Japan’s surprise descent into recession is going to have big repercussions. It means the abandonment of a planned increase in sales tax. It will lead to the country’s prime minister, Shinzo Abe, calling a snap election. It will herald the end of Abenomics if he loses, and it will lead to a further weakening of the yen on the foreign exchanges.
Let’s take those in order. Abe’s plan for the Japanese economy involved a loosening both of monetary policy through quantitative easing – creating electronic money – and fiscal policy -higher spending on infrastructure. The hit to Japan’s public finances from the extra spending was supposed to be clawed back by tax increases further down the road. Sales tax was increased in the spring and a second hike was due next year.

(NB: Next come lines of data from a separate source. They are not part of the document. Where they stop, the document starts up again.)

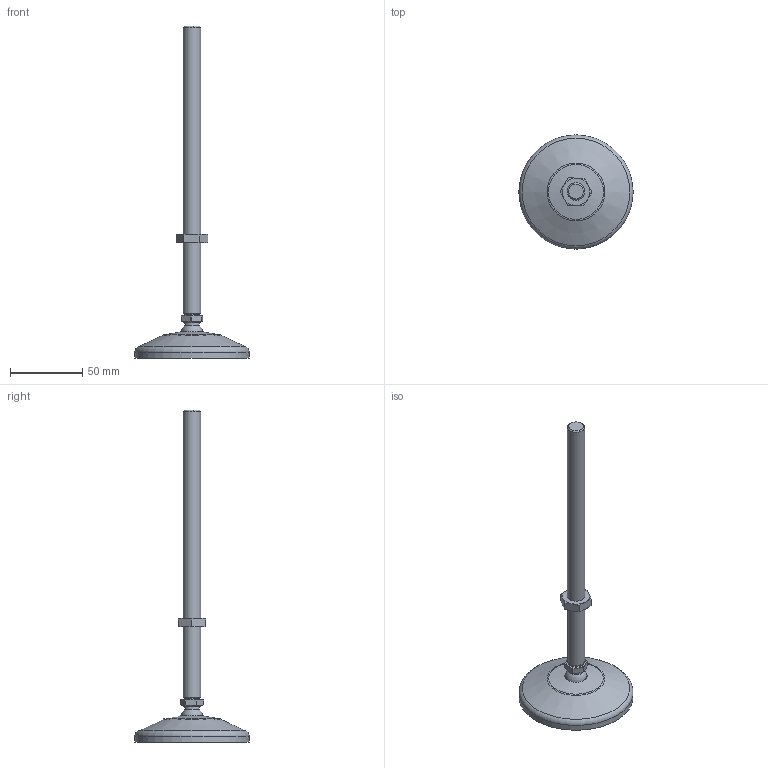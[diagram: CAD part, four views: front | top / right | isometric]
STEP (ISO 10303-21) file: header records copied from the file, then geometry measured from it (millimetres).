
FILE_DESCRIPTION(('STEP AP242'),'1');
FILE_NAME('TAPID80M12200PA.stp','2026-10-12T12:47:08',(' '),(' '),'Spatial InterOp 3D',' ',' ');
FILE_SCHEMA(('AP242_MANAGED_MODEL_BASED_3D_ENGINEERING_MIM_LF {1 0 10303 442 1 1 4}'));
Length unit declared in the file: millimetre
Products named in the file (4): TAPID80M12200PA; Ecrou H DIN 439 M12; Tige filetée M12x200 (Ø15); Embase PA Ø80 (Ø15)
Assembly tree (3 placements, depth 2):
  TAPID80M12200PA
    Ecrou H DIN 439 M12
    Tige filetée M12x200 (Ø15)
    Embase PA Ø80 (Ø15)
Bounding box: 79 x 79 x 229.5 mm (x, y, z)
Volume: 67814.3 mm3; surface area: 22747.4 mm2
Topology: 3 solids, 4 shells, 81 faces, 175 edges, 104 vertices
Faces by surface type: torus 30, plane 22, cylinder 20, cone 7, sphere 2
Full cylindrical faces by diameter (mm): 10 x1, 10.2 x1, 10.25 x1, 12 x1, 15 x1, 15.5 x1, 69 x1, 79 x1
Entity records: 3378 total; most frequent: CARTESIAN_POINT 910, DIRECTION 346, ORIENTED_EDGE 296, AXIS2_PLACEMENT_3D 161, EDGE_CURVE 148, EDGE_LOOP 108, VERTEX_POINT 100, FACE_OUTER_BOUND 95
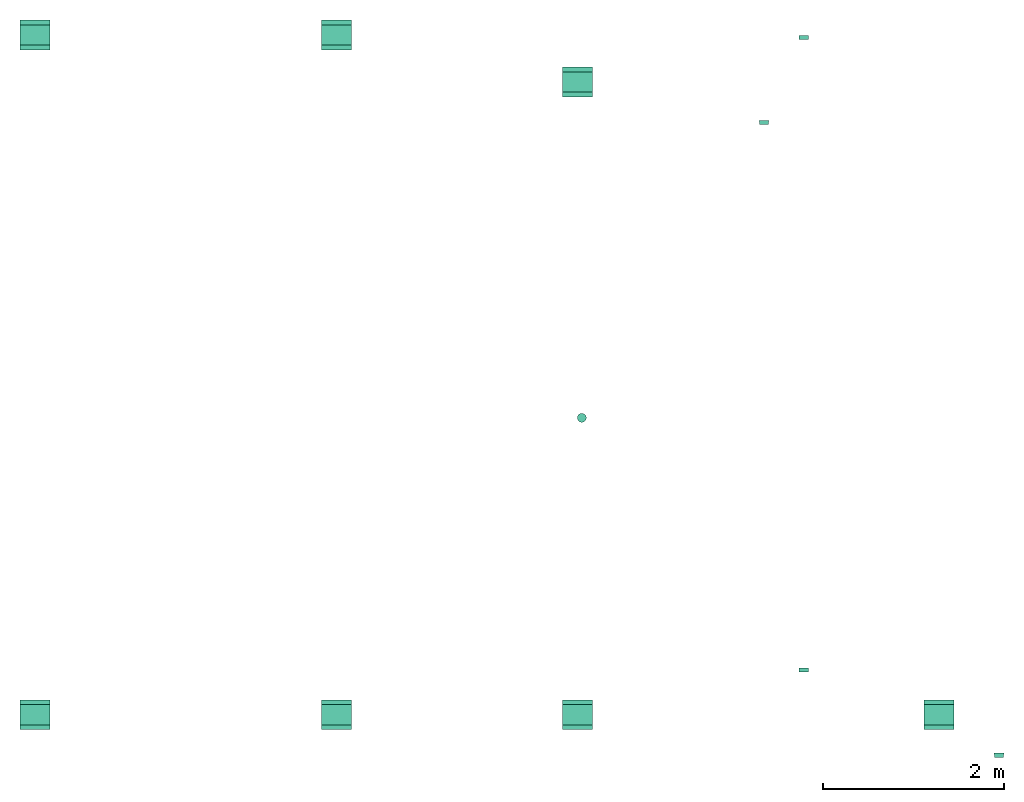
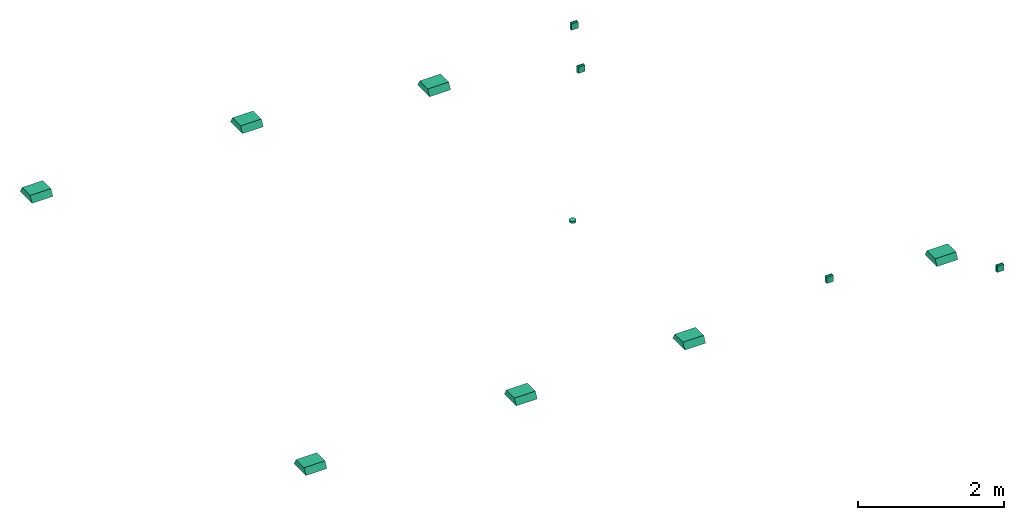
# One storey: 7 flow terminals, 4 flow fittings, 1 distribution control element.
"""IFC2X3 building model written with IfcOpenShell, lengths in millimetres."""

from ifc_helpers import new_model, entity, si_unit, converted_unit, derived_unit, direction, frame, origin_with_axes, place, context, subcontext, project, spatial, open_shell, surface_model, source, transform, mapped, type_object, element, save


model = new_model("IFC2X3")

# Units and contexts
model_context = context("Model", 3, precision=0.01, world=frame((0.0, 4.29681676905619e-09, 0.0)), true_north=direction((4.01073788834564e-13, 1.0)))
plan_context = context("Plan", 3, precision=0.01, world=frame((0.0, 4.29681676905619e-09, 0.0)), true_north=direction((4.01073788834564e-13, 1.0)))
body_context = subcontext(model_context, "Body", "Model", "MODEL_VIEW")
ifc_project = project(units=[converted_unit("PLANEANGLEUNIT", "DEGREE", entity("IfcPositiveLengthMeasure", 0.0174532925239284), si_unit("PLANEANGLEUNIT", "RADIAN"), dimensions=[0, 0, 0, 0, 0, 0, 0]), si_unit("AREAUNIT", "SQUARE_METRE"), si_unit("LENGTHUNIT", "METRE", prefix="MILLI"), si_unit("MASSUNIT", "GRAM", prefix="KILO"), si_unit("POWERUNIT", "WATT"), si_unit("PRESSUREUNIT", "PASCAL"), si_unit("FORCEUNIT", "NEWTON", prefix="KILO"), si_unit("ELECTRICVOLTAGEUNIT", "VOLT"), si_unit("ELECTRICCURRENTUNIT", "AMPERE"), si_unit("THERMODYNAMICTEMPERATUREUNIT", "DEGREE_CELSIUS"), si_unit("TIMEUNIT", "SECOND"), si_unit("VOLUMEUNIT", "CUBIC_METRE"), derived_unit("LINEARVELOCITYUNIT", [(si_unit("LENGTHUNIT", "METRE"), 1), (si_unit("TIMEUNIT", "SECOND"), -1)]), derived_unit("VOLUMETRICFLOWRATEUNIT", [(si_unit("VOLUMEUNIT", "CUBIC_METRE"), 1), (si_unit("TIMEUNIT", "SECOND"), -1)]), derived_unit("THERMALTRANSMITTANCEUNIT", [(si_unit("POWERUNIT", "WATT"), 1), (si_unit("THERMODYNAMICTEMPERATUREUNIT", "KELVIN"), -1), (si_unit("AREAUNIT", "SQUARE_METRE"), -1)]), derived_unit("SOUNDPRESSUREUNIT", [(si_unit("PRESSUREUNIT", "PASCAL"), 1)])], contexts=[model_context, plan_context])

# Site, building, storey
site_placement = place(None, frame((0.0, -4.29681676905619e-09, 0.0), z_axis=(0.0, 0.0, 1.0), x_axis=(1.0, 0.0, 0.0)))
site = spatial("IfcSite", under=ifc_project, at=site_placement, Name="ENGM", CompositionType="ELEMENT")
building_placement = place(site_placement, frame((0.0, 4.29681676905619e-09, 0.0), z_axis=(0.0, 0.0, 1.0), x_axis=(1.0, 0.0, 0.0)))
building = spatial("IfcBuilding", under=site, at=building_placement, Name="TI", CompositionType="ELEMENT")
storey_placement = place(building_placement, frame((0.0, 0.0, 205200.0), z_axis=(0.0, 0.0, 1.0), x_axis=(1.0, 0.0, 0.0)))
storey = spatial("IfcBuildingStorey", under=building, at=storey_placement, Name="Nivå D + 1,2 m", CompositionType="ELEMENT", Elevation=205200.0)

# Distribution control element
alarm_type = type_object("IfcAlarmType", Name="Brannalarm Røykdetektor", PredefinedType="NOTDEFINED")
shared_shape_1 = source(origin_with_axes(), body_context, "Body", "SurfaceModel", [
    surface_model("IfcShellBasedSurfaceModel", [(-25.0, 43.30127, -28.9), (-35.35534, 35.35534, -28.9), (-18.0, 31.17691, -28.9), (-25.45584, 25.45584, -28.9), (-9.31749, 34.77333, -28.9), (-12.94095, 48.29629, -28.9), (0.0, 36.0, -28.9), (0.0, 50.0, -28.9), (-34.77333, 9.31749, -28.9), (-43.30127, 25.0, -28.9), (-48.29629, 12.94095, -28.9), (-36.0, 0.0, -28.9), (-50.0, 0.0, -28.9), (-31.17691, 18.0, -28.9), (9.31749, 34.77333, -28.9), (12.94095, 48.29629, -28.9), (18.0, 31.17691, -28.9), (35.35534, 35.35534, -28.9), (25.0, 43.30127, -28.9), (25.45584, 25.45584, -28.9), (31.17691, 18.0, -28.9), (34.77333, 9.31749, -28.9), (43.30127, 25.0, -28.9), (48.29629, 12.94095, -28.9), (36.0, 0.0, -28.9), (50.0, 0.0, -28.9), (-34.77333, -9.31749, -28.9), (-48.29629, -12.94095, -28.9), (-31.17691, -18.0, -28.9), (-43.30127, -25.0, -28.9), (-25.45584, -25.45584, -28.9), (-35.35534, -35.35534, -28.9), (-18.0, -31.17691, -28.9), (-25.0, -43.30127, -28.9), (-9.31749, -34.77333, -28.9), (-12.94095, -48.29629, -28.9), (0.0, -36.0, -28.9), (0.0, -50.0, -28.9), (43.30127, -25.0, -28.9), (31.17691, -18.0, -28.9), (35.35534, -35.35534, -28.9), (34.77333, -9.31749, -28.9), (48.29629, -12.94095, -28.9), (25.45584, -25.45584, -28.9), (9.31749, -34.77333, -28.9), (12.94095, -48.29629, -28.9), (18.0, -31.17691, -28.9), (25.0, -43.30127, -28.9), (-25.0, -43.30127, -29.1), (-35.35534, -35.35534, -29.1), (-18.0, -31.17691, -29.1), (-25.45584, -25.45584, -29.1), (-9.31749, -34.77333, -29.1), (-12.94095, -48.29629, -29.1), (0.0, -36.0, -29.1), (0.0, -50.0, -29.1), (-34.77333, -9.31749, -29.1), (-43.30127, -25.0, -29.1), (-48.29629, -12.94095, -29.1), (-36.0, 0.0, -29.1), (-50.0, 0.0, -29.1), (-31.17691, -18.0, -29.1), (9.31749, -34.77333, -29.1), (12.94095, -48.29629, -29.1), (18.0, -31.17691, -29.1), (35.35534, -35.35534, -29.1), (25.0, -43.30127, -29.1), (25.45584, -25.45584, -29.1), (31.17691, -18.0, -29.1), (34.77333, -9.31749, -29.1), (43.30127, -25.0, -29.1), (48.29629, -12.94095, -29.1), (36.0, 0.0, -29.1), (50.0, 0.0, -29.1), (-34.77333, 9.31749, -29.1), (-48.29629, 12.94095, -29.1), (-31.17691, 18.0, -29.1), (-43.30127, 25.0, -29.1), (-25.45584, 25.45584, -29.1), (-35.35534, 35.35534, -29.1), (-18.0, 31.17691, -29.1), (-25.0, 43.30127, -29.1), (-9.31749, 34.77333, -29.1), (-12.94095, 48.29629, -29.1), (0.0, 36.0, -29.1), (0.0, 50.0, -29.1), (43.30127, 25.0, -29.1), (31.17691, 18.0, -29.1), (35.35534, 35.35534, -29.1), (34.77333, 9.31749, -29.1), (48.29629, 12.94095, -29.1), (25.45584, 25.45584, -29.1), (9.31749, 34.77333, -29.1), (12.94095, 48.29629, -29.1), (18.0, 31.17691, -29.1), (25.0, 43.30127, -29.1), (6.47048, -24.14815, -44.9), (12.5, -21.65064, -44.9), (17.67767, -17.67767, -44.9), (24.14815, -6.47048, -44.9), (-24.14815, -6.47048, -44.9), (21.65064, -12.5, -44.9), (-21.65064, 12.5, -44.9), (0.0, -25.0, -44.9), (-12.5, -21.65064, -44.9), (-6.47048, -24.14815, -44.9), (-17.67767, -17.67767, -44.9), (-21.65064, -12.5, -44.9), (25.0, 0.0, -44.9), (24.14815, 6.47048, -44.9), (21.65064, 12.5, -44.9), (17.67767, 17.67767, -44.9), (12.5, 21.65064, -44.9), (6.47048, 24.14815, -44.9), (0.0, 25.0, -44.9), (-25.0, 0.0, -44.9), (-24.14815, 6.47048, -44.9), (-12.5, 21.65064, -44.9), (-17.67767, 17.67767, -44.9), (-6.47048, 24.14815, -44.9), (0.0, 25.0, -45.1), (6.47048, 24.14815, -45.1), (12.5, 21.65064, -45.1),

Two quarters of declining gross domestic product were certainly not part of the plan. It has been clear for some time, however, that Japan’s economy has been struggling, and Abe’s government was already thinking of scrapping the second tax increase even before the news that it is contracting at an annual rate of 1.6%. There is no way Tokyo will now stick to the plan.
What’s more, it looks highly likely that Abe will seek a fresh mandate for the three arrow policy that bears his name – using a mix of monetary policy, fiscal policy and structural reform to boost growth and lift Japan out of deflation.
Whoever wins the election will almost certainly take steps to stimulate activity. More QE is in prospect, and the main channel through which QE works is by driving down the exchange rate. The yen has hit a fresh seven-year low against the dollar and it is likely to fall further over the coming weeks and months.